Print/Save to PDF

Artificial Intelligence (AI) in Research

Artificial Intelligence (AI) is an ever-evolving field that presents new opportunities for research while amplifying the risk of data privacy and confidentiality. This guidance covers the use of AI, machine learning, deep learning, and related AI techniques used in research activities.

While there are many definitions, generally Artificial Intelligence (AI) is the imitation of human intelligence through technology, which enables a machine to learn and perform tasks that are typically associated with human intellect.

Canned language for consent forms

When appropriate, consider the following information when submitting a new application involving AI:

Investigators must include a Data Card when available for the particular research project. This includes:
- The source of the dataset used to develop the AI. If investigators develop their own dataset to train the AI model, include how this information will be collected, is this information private and/or will the data include identifiers.
- The purpose of the AI and if the study will utilize Generative or Predictive AI, i.e. will the purpose of the AI be to create predictions based off existing datasets or generate novel outcomes.
- Data disposition, including if the data will be used for future AI training, will the model be shared and with whom.
If the purpose of the research is to develop a new AI model or further develop an existing AI model, investigators should include a Model Card, which includes:
- A description of the model, intended purpose and audience, and how the model will be maintained.
- Limitations of the model and steps to mitigate risk.
- Steps on how investigators will monitor and evaluate the research outcome, and how this will be compared with the intended outcome.
In addition to the Data and Model Cards, investigators must ensure the Consent provides adequate information for subjects to make a fully informed decision and transparency in the use of AI and study purpose is paramount. The consent form should consider include relevant information for each of the following:
- If research data will be used to further develop the AI Model and if subject’s data will be used to develop other AI Models. The consent form must include the impact of data sharing broadly with an AI Model and that once shared, information cannot be withdrawn.
- Include thorough description of if data may be shared and that this information will not contain, directly and indirectly, information that may be used to identify individuals.
- State the purpose of the AI Model and any known limitations. This includes potential risks and how this will be mitigated.
- Include how data will be stored, in lay terms.
- If the research uses commercial AI software, include if subject data will be stored and used to further develop the product.
Lastly, investigator must instill the three ethical principles of the Belmont Report:
- Respects for persons: treating people as autonomous agents and protecting those with diminished autonomy.
- Beneficence: minimizing potential harms while maximizing benefits of participation. Avoid coding biased and regularly review output for bias predictions.
- Justice: Fairly distributing the benefits and risks.
For research regulated by the FDA, additional considerations may apply.

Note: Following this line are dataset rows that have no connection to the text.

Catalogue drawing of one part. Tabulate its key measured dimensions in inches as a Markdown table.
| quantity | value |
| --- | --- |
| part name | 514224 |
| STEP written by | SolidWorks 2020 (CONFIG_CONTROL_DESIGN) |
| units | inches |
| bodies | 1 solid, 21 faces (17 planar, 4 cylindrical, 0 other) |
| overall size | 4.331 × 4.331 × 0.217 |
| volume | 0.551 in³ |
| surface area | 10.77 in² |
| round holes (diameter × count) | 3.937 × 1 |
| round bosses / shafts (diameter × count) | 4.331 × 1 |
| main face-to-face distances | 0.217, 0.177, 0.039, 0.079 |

See FDA guidance on AI and Machine Learning.

Investigators must also consider any additional policies, such as funding, , laws, legal or journal requirements, that may apply to the research. In addition to the information provided above, investigators should review the guidance on AI provided by MIT’s IS&T: Initial guidance for use of Generative AI tools. This guidance will help ensure investigators are following MIT’s best practices for the use of Generative AI.

As with all research, data privacy and confidentiality are of the upmost importance. Investigators must carefully consider the necessary information for the purpose of the proposed research and carefully consider how that information will be protected.

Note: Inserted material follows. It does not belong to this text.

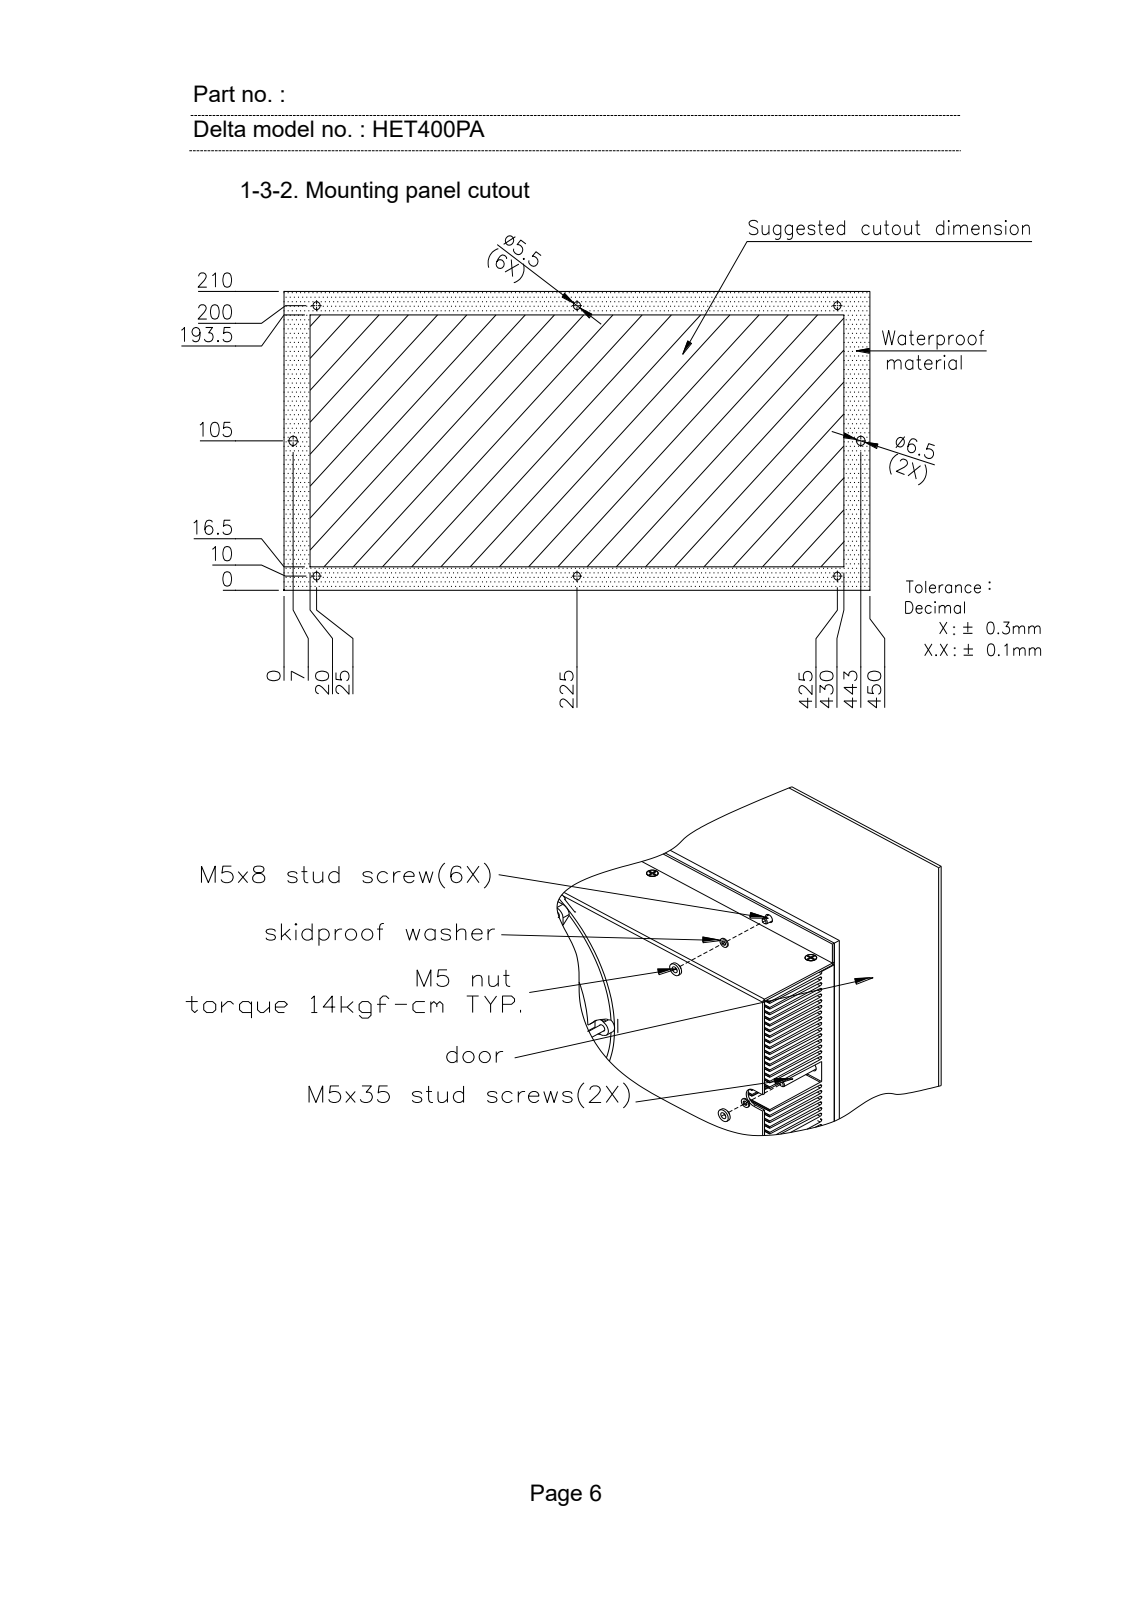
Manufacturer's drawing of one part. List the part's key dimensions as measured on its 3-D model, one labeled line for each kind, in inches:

Canned language for consent forms

Use of AI to monitor and screen content:

During the process of developing the creative tool that is under research in this study, we will be making use of techniques to mitigate the exposure of any harmful or inappropriate content. These techniques will include automated content moderation to filter out inappropriate output from the tool or input from the participant. In cases where unforeseen harmful content is presented, you will [describe action when subjects encounter harmful or inappropriate content].

Subject data will be used to train the AI:

Your data may be used to help train and further develop the AI. Once shared, information cannot be withdrawn from the AI learning software and shared information may be available for future research and commercial interests. Your data will be kept confidential and any information used for development will not contain any identifiable information.